本日のテーマは「2025年法人税法:損金算入費用の必要証憑」です。本件に関して、財務省は2026年3月12日、2025年法人税法の詳細通達20/2026/TT-BTCを公布しています。本通達は同年3月12日に施行され、2025年度から適用されます。
なお、2025年度における損金算入費用に関して、以下の経過措置が設けられています。
旧通達(通達96)に個別に定められる要件および証憑に基づき、2026年3月12日以前に発生した損金算入が可能な費用は、引き続き旧通達に従って取り扱われる。
旧通達(通達96)に個別に定めがない要件および証憑に基づく損金算入が可能な費用は、現行法に基づくインボイスと証憑を整備する必要がある。
1.費用の一般控除要件
ベトナムの法人税法においては、一般的な損金算入に関する基本規定が設けられており、以下のすべての条件を満たす費用は損金として認められる。
①事業関連性
事業に関連して実際に発生した費用であること
②インボイス・証憑の整備
正規インボイスおよび法規制に基づき要請される証憑により証明できる費用であること
③非現金決済
500万ドン以上の物品・サービスおよびその他の購入で、非現金決済を証明する支払証憑があること
2.必要証憑の具体的取扱い
通達20において、特定の取引に関する必要証憑が具体的に整理されている。
■ 生産者から直接購入した農林水産物等
農林水産物を農家・林業従事者・漁業者から直接購入する場合、一定の手工芸品を生産者から直接購入する場合、廃棄物回収者からスクラップを直接購入する場合、または(上記以外の)世帯や個人からVAT課税対象外となる売上規模(2億ドン以下)である物品を直接購入する場合、必要証憑は、以下の通りとする。
支払証憑(会計・インボイス関連法令に準拠)
*各世帯・個人ごとの1日当たりの購入金額が500万ドン以上の場合は非現金決済が必要になる。
購入明細表(様式02/TNDNにて作成)
*企業の法定代表者または権限者にて署名する。
■ 従業員の立替払い
企業が従業員に対し、事業活動に必要な物品・サービスの購入を委任し、当該購入金額が500万ドン以上であり、従業員が非現金決済により支払った場合、以下の証憑を備える必要がある。
支払証憑(会計・インボイス関連法令に準拠)
企業の財務規程・内部規程・決定書(従業員の立替払いを明記)
非現金決済の証憑(従業員から仕入先への支払い)
非現金決済の証憑(企業から従業員への支払い)
■未払費用の非現金決済証憑の取得時期
500万ドン以上の費用の計上時点で未払いであっても、「売買契約書」および「引渡証憑」があり、支払時に非現金決済の支払証憑を取得すれば、当該費用は損金算入が認められる。
■ 個人からの資産貸借
企業が個人から資産を賃借する場合の証憑は、「賃貸借契約書」および「賃料の支払証憑」が必要である。

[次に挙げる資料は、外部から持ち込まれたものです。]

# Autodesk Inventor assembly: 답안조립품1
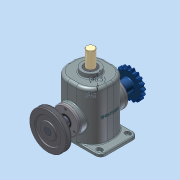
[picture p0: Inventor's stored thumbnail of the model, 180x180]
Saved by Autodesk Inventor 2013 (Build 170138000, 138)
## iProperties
Created: 2014-12
Part Number: 답안조립품1
Document SubType Name: Assembly
Designer: user
Mass: 8252.46 g
Surface Area: 4222.84 cm^2
Volume: 1869.06 cm^3
Density: 4.41531 g/cm^3
Author: user
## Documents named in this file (15)
- C:\Documents and Settings\user\바탕 화면\341208V1001\답안조립품1.iam
- C:\Documents and Settings\user\바탕 화면\341208V1001\본체.ipt
- C:\Documents and Settings\user\바탕 화면\341208V1001\편심축.ipt
- C:\Documents and Settings\user\바탕 화면\341208V1001\V-벨트풀리.ipt
- C:\Documents and Settings\user\바탕 화면\341208V1001\체인 스프로킷.ipt
- C:\Documents and Settings\user\바탕 화면\341208V1001\커버.ipt
- C:\Documents and Settings\user\바탕 화면\341208V1001\슬라이드.ipt
- C:\Documents and Settings\user\바탕 화면\341208V1001\가변스프링.ipt
- C:\Documents and Settings\user\바탕 화면\341208V1001\베어링 6205.ipt
- C:\Documents and Settings\user\바탕 화면\341208V1001\오일실.ipt
- C:\Documents and Settings\user\바탕 화면\341208V1001\부시.ipt
- C:\Documents and Settings\user\바탕 화면\341208V1001\키 8x8.ipt
- C:\Documents and Settings\user\바탕 화면\341208V1001\멈춤링.ipt
- C:\Documents and Settings\user\바탕 화면\341208V1001\M4x0.5.ipt
- C:\Documents and Settings\user\바탕 화면\341208V1001\멈춤나사 M5x0.5.ipt
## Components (9 placed, 4 different names)
1. V-벨트풀리:1
2. 5-체인 스프로킷:1
3. 가변스프링:1
4. M4x0.5:1
5. M4x0.5:2
6. M4x0.5:3
7. M4x0.5:4
8. M4x0.5:5
9. M4x0.5:6
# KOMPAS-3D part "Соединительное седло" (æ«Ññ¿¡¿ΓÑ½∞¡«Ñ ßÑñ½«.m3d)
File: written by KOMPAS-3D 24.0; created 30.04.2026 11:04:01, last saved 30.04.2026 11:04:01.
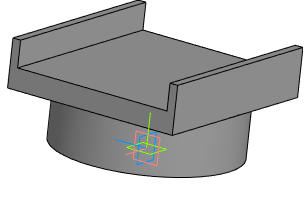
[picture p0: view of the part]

Document properties: Автор: USG_411; Полное имя файла: C:\Users\USG_411\Desktop\ИА-2904_411-12\Балка\Соединительное седло.m3d

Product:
- Part/product: Соединительное седло
    Масса: 55.246581

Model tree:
1. Эскиз:1
2. Элемент выдавливания:1
     Расстояние 1 = 100
3. Эскиз:2  (with: Грань.Элемент выдавливания:1)
4. Элемент выдавливания:2
     Расстояние 1 = 40
5. Эскиз:3  (with: Грань.Элемент выдавливания:2, Ребро.Элемент выдавливания:2)
6. Элемент выдавливания:3
     Расстояние 1 = 50

さらに、賃貸借契約において、賃料が税抜(VAT・PITを含まない)とされ、かつ企業(借主)が当該個人(貸主)に代わって税金を納付する場合は、当該税金の支払証憑も必要となる。
3.おわりに
実務上問題となりやすい取引の取扱いが、以前は公文書により案内されていたが、本通達により明文化された。特に、従業員の立替払いや個人大家からの事務所・住宅の賃借は実務上多く見られる取引なので、必要証憑について再度することが重要である。